*** Records for processing ***

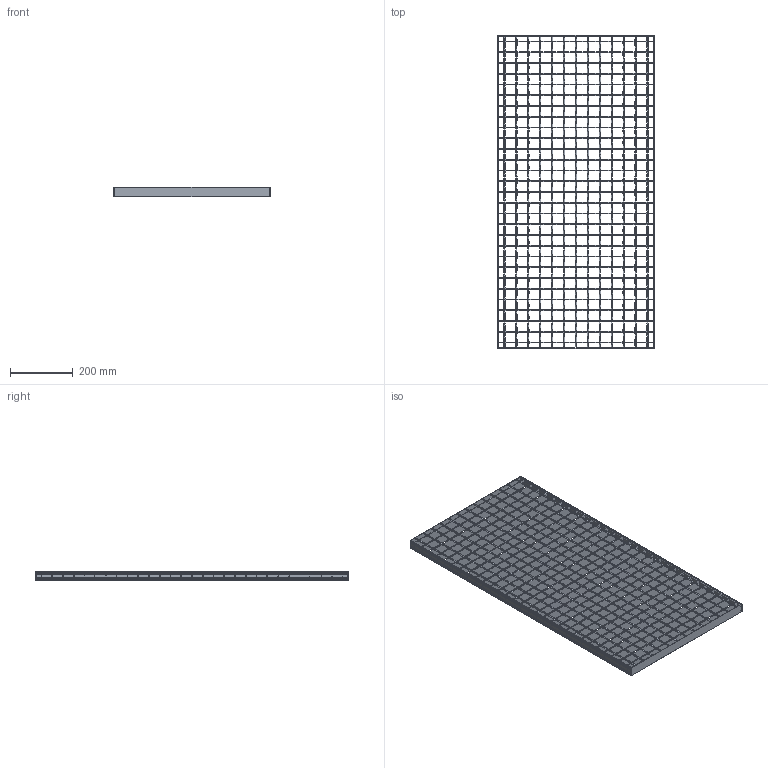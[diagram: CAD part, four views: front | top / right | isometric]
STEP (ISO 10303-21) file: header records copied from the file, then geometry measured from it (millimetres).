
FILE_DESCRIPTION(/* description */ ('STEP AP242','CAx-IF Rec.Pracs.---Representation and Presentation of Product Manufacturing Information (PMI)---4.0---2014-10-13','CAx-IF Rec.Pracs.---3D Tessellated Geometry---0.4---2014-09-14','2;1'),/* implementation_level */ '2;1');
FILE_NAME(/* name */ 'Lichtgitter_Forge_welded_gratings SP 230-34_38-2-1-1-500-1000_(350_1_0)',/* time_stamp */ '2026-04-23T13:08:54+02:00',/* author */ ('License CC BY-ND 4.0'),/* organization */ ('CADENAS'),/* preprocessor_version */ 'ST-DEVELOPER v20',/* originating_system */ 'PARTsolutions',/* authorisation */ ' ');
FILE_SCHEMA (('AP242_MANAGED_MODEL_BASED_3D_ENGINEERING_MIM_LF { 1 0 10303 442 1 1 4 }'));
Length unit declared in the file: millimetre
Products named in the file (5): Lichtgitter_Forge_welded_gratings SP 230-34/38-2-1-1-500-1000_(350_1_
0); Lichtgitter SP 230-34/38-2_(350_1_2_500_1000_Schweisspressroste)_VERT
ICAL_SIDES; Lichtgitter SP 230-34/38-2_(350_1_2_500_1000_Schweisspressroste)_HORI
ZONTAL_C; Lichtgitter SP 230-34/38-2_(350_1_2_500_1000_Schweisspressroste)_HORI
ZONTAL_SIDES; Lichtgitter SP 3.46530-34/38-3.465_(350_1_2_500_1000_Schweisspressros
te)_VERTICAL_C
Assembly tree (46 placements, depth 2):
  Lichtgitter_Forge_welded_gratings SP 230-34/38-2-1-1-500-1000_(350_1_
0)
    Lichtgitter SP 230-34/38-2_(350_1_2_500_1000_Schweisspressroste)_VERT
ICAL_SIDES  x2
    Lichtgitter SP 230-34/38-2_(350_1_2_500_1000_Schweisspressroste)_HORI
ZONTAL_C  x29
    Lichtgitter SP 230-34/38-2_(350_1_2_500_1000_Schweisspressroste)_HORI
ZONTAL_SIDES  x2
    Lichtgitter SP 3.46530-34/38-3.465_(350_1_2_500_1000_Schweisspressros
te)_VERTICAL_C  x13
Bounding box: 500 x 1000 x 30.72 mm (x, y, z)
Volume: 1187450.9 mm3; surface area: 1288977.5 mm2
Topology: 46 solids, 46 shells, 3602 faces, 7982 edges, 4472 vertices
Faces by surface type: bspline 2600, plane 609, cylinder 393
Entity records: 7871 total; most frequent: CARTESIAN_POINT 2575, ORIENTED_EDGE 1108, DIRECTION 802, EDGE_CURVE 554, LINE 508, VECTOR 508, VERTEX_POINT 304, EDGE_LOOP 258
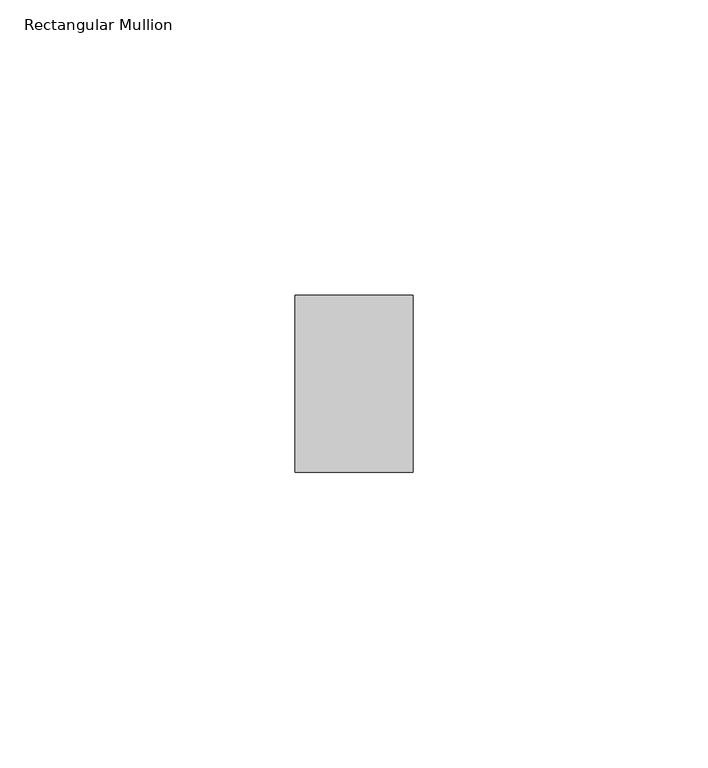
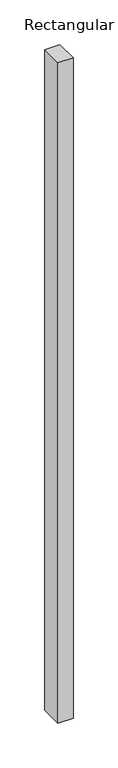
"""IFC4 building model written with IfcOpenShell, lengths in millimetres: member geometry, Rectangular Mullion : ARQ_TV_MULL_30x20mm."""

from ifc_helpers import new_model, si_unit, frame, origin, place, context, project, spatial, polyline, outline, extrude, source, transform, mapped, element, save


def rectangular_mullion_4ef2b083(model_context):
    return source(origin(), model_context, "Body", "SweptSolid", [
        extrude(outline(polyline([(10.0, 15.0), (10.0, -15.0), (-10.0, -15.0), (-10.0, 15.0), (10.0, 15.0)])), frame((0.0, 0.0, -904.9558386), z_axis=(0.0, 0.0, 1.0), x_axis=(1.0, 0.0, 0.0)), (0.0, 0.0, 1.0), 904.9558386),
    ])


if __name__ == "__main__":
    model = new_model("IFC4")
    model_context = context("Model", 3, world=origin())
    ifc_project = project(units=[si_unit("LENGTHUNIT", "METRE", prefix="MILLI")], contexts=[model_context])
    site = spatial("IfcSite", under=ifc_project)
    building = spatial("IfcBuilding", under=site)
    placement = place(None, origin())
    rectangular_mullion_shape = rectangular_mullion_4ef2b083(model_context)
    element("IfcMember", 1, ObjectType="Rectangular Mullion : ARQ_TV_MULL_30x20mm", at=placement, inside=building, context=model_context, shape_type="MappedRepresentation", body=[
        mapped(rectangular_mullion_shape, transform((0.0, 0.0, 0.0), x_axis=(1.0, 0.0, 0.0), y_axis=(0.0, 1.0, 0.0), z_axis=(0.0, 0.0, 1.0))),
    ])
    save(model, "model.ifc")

*** End of Records for processing ***

* [Exercise goal] Reproduce the data above word for word from its first line through the line that holds "Length unit declared in the file: millimetre", both ends included; skip pictures.

* [Your solution]
[diagram: CAD part, four views: front | top / right | isometric]
STEP (ISO 10303-21) file: header records copied from the file, then geometry measured from it (millimetres).
FILE_DESCRIPTION(/* description */ ('STEP AP242','CAx-IF Rec.Pracs.---Representation and Presentation of Product Manufacturing Information (PMI)---4.0---2014-10-13','CAx-IF Rec.Pracs.---3D Tessellated Geometry---0.4---2014-09-14','2;1'),/* implementation_level */ '2;1');
FILE_NAME(/* name */ 'Lichtgitter_Forge_welded_gratings SP 230-34_38-2-1-1-500-1000_(350_1_0)',/* time_stamp */ '2026-04-23T13:08:54+02:00',/* author */ ('License CC BY-ND 4.0'),/* organization */ ('CADENAS'),/* preprocessor_version */ 'ST-DEVELOPER v20',/* originating_system */ 'PARTsolutions',/* authorisation */ ' ');
FILE_SCHEMA (('AP242_MANAGED_MODEL_BASED_3D_ENGINEERING_MIM_LF { 1 0 10303 442 1 1 4 }'));
Length unit declared in the file: millimetre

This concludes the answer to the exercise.